◆ Task to complete: Scan the records below and copy every line that contains the string "DETL".

◆ The input:
# # #
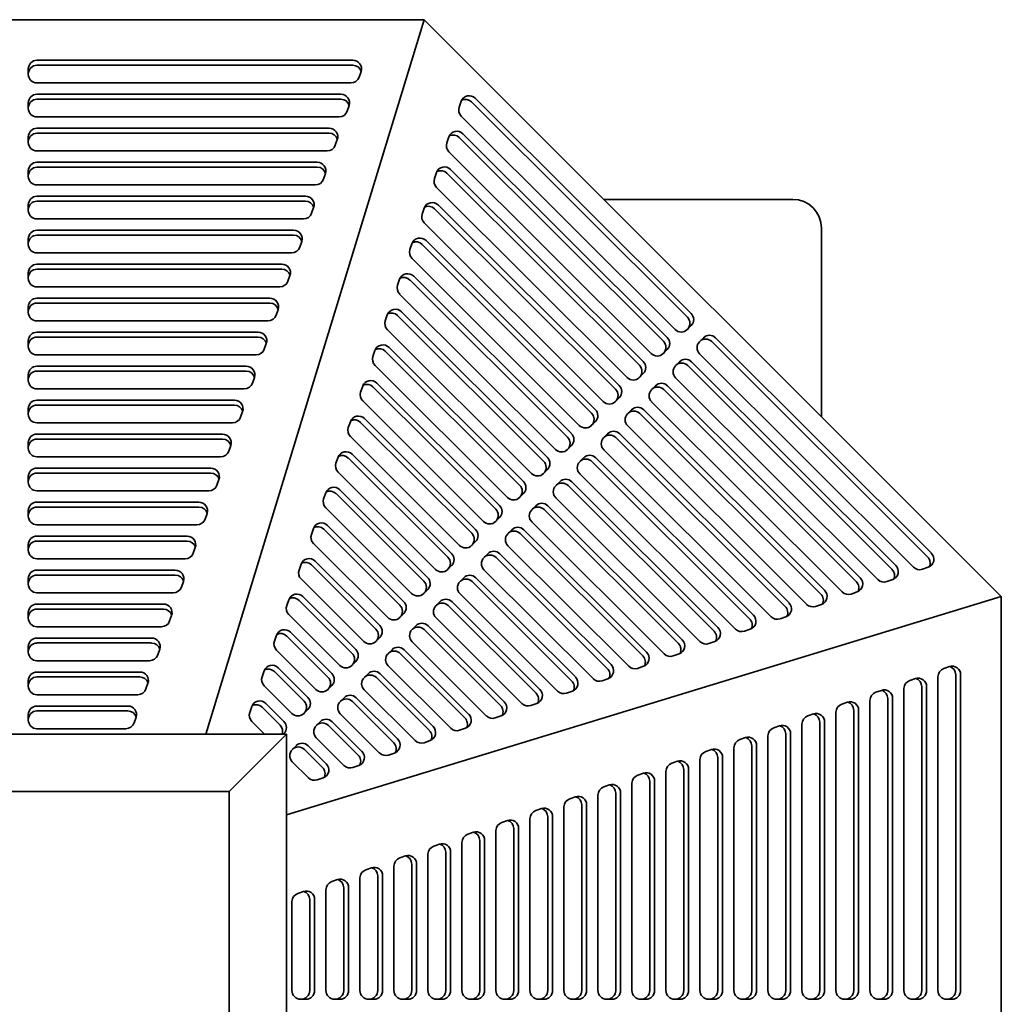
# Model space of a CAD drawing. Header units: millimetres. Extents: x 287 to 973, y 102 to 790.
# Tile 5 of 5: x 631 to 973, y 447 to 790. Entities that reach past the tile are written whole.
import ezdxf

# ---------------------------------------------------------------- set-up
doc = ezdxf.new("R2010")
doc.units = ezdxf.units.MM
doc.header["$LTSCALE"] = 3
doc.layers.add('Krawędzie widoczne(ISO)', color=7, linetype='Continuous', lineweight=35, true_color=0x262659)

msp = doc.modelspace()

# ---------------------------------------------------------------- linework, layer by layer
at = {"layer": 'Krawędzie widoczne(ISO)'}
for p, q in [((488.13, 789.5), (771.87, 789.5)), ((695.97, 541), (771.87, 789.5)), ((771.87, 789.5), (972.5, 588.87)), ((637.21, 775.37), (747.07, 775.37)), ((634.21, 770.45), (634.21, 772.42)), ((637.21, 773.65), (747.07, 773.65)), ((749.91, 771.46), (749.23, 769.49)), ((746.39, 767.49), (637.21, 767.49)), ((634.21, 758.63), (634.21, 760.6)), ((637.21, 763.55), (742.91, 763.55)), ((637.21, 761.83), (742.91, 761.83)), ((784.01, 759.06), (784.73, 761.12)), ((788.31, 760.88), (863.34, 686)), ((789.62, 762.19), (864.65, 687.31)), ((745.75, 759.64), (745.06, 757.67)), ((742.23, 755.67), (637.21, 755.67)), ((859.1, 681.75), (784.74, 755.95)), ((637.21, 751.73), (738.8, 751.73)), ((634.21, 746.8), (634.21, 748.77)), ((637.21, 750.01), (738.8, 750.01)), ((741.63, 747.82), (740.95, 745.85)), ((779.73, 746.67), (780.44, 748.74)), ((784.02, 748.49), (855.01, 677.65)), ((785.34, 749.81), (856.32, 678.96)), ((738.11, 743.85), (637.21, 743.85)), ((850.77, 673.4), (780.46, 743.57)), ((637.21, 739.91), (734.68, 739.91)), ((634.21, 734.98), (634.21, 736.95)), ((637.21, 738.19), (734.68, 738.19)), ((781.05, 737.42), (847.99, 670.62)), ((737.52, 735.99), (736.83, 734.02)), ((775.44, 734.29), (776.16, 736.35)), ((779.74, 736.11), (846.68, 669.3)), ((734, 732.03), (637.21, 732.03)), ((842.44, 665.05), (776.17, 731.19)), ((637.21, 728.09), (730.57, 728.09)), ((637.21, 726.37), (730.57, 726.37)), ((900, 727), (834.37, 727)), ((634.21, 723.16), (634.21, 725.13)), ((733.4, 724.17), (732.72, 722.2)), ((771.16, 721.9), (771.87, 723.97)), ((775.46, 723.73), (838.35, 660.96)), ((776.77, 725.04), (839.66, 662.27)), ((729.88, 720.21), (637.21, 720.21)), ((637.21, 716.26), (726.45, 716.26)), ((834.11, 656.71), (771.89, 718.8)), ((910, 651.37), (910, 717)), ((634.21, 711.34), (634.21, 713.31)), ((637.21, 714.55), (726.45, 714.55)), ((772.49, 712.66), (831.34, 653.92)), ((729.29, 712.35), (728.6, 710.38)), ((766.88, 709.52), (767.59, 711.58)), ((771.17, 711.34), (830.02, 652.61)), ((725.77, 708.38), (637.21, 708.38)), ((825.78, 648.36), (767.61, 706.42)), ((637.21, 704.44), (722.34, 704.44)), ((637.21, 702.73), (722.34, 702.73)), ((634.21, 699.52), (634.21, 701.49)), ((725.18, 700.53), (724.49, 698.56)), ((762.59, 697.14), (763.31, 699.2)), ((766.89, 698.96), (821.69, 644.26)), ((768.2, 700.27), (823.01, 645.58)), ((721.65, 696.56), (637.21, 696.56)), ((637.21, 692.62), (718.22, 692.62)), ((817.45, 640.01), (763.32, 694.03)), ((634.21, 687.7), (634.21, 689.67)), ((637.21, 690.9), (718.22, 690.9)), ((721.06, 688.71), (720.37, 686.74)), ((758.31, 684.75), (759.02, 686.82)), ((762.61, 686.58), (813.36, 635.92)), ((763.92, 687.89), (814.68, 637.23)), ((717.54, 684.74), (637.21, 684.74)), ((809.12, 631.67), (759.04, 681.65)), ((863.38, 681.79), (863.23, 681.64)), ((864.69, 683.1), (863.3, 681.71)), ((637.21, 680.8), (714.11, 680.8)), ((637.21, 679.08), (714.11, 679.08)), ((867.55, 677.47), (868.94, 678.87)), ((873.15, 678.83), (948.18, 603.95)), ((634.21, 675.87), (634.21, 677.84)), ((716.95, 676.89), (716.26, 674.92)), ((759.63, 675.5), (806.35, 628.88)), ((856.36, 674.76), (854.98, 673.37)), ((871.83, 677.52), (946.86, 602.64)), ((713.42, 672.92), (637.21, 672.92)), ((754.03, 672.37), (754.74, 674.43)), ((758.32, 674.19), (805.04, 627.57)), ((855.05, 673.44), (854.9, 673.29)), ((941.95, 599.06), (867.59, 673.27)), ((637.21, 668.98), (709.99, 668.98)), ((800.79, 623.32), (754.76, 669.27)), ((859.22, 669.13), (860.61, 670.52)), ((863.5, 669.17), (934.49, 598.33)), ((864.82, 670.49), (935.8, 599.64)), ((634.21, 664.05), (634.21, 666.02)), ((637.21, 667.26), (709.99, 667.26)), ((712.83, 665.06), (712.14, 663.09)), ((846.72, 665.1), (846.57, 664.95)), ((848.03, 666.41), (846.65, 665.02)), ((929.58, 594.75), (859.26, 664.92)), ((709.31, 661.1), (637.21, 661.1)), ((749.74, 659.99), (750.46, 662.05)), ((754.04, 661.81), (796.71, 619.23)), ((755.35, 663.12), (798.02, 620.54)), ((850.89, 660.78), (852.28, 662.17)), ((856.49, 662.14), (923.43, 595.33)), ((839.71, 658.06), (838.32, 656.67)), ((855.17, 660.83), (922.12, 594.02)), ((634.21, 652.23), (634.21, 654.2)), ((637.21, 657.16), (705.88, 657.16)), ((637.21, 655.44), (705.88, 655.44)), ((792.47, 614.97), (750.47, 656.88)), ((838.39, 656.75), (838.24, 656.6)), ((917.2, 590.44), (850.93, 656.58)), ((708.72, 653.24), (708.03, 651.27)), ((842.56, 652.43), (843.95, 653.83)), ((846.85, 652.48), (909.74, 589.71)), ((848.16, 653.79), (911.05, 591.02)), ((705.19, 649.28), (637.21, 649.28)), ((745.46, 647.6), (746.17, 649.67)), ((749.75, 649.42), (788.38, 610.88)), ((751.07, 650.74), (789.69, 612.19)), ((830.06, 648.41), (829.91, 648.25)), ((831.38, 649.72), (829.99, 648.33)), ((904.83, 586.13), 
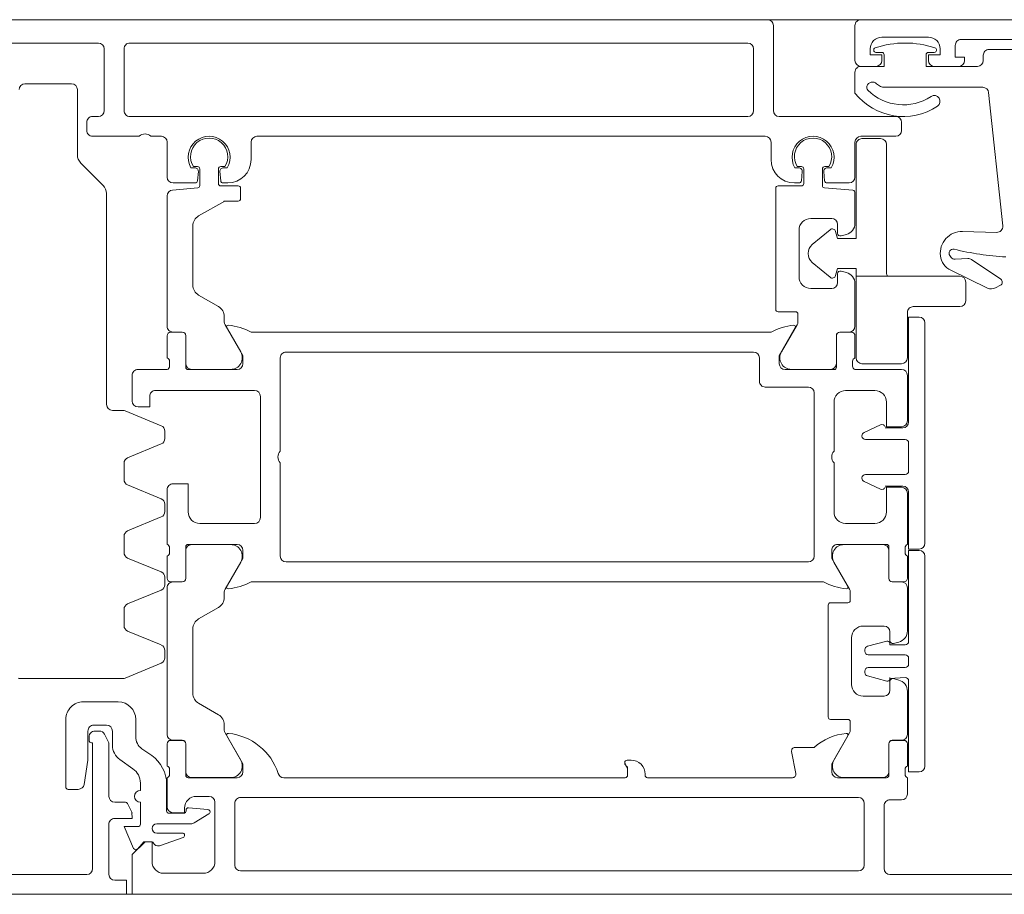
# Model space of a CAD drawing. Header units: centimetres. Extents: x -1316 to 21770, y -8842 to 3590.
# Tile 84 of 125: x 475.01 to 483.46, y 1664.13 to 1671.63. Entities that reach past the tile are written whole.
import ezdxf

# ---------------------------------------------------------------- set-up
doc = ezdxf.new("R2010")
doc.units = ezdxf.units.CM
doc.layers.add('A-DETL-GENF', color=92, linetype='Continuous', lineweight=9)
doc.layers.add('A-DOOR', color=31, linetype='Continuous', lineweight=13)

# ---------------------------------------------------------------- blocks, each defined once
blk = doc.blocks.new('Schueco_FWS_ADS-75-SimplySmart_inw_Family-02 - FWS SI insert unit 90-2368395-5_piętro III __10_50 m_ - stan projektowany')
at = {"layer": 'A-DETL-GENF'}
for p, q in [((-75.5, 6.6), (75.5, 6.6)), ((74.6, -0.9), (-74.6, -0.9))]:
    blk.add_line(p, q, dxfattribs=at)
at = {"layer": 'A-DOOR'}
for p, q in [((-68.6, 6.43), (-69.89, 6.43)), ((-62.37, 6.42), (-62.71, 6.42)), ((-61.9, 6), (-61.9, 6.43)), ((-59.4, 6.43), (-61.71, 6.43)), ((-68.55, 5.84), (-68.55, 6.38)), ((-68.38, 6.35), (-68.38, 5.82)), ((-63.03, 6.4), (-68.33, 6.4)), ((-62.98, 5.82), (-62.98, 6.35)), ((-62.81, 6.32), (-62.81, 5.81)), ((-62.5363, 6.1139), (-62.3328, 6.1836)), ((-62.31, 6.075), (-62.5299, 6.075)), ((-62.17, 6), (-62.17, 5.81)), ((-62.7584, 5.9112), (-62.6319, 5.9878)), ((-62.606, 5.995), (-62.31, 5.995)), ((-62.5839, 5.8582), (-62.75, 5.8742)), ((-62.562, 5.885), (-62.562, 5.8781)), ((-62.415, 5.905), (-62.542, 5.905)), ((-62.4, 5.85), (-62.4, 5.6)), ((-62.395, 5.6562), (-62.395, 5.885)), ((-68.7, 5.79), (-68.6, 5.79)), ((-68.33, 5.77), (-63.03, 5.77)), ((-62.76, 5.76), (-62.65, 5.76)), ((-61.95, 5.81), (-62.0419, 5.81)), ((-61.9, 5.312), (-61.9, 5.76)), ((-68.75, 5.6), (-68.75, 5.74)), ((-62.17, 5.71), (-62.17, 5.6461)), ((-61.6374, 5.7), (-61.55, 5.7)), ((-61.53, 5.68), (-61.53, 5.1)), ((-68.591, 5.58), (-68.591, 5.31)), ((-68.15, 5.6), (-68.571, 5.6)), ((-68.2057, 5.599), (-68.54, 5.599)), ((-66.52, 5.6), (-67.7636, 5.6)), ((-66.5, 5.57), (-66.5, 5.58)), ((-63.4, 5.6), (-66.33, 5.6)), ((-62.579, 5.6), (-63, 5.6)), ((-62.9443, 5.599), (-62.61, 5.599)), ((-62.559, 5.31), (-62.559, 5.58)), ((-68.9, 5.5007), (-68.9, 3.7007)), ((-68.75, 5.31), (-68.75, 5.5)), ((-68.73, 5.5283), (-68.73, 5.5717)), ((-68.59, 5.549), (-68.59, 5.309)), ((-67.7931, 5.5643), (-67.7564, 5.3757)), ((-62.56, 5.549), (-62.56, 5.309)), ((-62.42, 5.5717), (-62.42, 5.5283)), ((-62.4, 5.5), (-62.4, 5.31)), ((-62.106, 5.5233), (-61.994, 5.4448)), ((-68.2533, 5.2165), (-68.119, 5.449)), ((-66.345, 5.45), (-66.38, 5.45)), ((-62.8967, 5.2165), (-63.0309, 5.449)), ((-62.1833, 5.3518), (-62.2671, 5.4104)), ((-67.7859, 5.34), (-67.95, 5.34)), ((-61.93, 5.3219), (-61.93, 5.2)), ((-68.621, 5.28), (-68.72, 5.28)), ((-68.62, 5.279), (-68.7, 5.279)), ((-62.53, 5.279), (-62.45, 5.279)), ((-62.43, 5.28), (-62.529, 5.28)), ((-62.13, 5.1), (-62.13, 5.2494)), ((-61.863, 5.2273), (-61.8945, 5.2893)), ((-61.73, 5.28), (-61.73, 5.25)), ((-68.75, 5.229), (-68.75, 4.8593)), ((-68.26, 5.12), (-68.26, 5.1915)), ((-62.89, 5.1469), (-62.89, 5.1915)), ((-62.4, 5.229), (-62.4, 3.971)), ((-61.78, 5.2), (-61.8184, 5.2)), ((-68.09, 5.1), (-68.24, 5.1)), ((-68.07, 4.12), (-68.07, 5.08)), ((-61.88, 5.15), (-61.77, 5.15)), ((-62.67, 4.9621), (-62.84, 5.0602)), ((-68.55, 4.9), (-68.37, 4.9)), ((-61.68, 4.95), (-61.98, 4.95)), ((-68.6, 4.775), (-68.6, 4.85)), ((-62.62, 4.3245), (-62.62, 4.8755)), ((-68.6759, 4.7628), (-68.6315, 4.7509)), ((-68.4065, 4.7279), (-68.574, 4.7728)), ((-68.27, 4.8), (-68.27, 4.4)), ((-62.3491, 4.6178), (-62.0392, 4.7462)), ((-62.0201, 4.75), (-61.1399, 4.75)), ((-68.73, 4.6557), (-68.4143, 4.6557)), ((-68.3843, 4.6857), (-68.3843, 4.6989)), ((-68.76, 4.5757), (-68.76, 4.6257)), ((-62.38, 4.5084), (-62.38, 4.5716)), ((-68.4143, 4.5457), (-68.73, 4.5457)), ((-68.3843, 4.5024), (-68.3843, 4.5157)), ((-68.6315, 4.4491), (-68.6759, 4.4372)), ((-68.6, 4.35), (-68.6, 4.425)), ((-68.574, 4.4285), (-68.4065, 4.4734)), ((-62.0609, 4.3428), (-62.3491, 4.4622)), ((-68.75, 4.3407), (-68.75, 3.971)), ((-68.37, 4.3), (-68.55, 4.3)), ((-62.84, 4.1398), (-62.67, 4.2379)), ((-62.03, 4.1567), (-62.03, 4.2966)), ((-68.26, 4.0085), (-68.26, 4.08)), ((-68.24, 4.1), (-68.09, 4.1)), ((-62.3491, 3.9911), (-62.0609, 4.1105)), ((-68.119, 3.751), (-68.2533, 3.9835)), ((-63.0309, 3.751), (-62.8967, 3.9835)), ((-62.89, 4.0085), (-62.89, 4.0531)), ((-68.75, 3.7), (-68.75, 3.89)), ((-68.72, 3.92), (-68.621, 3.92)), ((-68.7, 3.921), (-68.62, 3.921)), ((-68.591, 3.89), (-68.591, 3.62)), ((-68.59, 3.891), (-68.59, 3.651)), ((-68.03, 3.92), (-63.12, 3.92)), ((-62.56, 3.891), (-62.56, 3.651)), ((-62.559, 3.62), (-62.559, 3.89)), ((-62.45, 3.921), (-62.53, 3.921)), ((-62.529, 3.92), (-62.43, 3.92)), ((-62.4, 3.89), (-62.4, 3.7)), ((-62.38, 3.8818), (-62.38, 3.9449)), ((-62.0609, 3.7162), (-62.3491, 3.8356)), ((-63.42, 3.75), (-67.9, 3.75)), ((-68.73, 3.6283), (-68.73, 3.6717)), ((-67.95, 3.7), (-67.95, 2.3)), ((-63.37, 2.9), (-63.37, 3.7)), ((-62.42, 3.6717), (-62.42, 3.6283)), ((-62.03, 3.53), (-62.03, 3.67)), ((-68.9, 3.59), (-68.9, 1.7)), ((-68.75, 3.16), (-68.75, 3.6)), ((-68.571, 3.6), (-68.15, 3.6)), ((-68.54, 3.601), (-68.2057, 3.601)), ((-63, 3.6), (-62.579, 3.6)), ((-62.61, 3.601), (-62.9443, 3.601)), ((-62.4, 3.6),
# # #
◆ Result of this exercise:
doc.layers.add('A-DETL-GENF', color=92, linetype='Continuous', lineweight=9)
at = {"layer": 'A-DETL-GENF'}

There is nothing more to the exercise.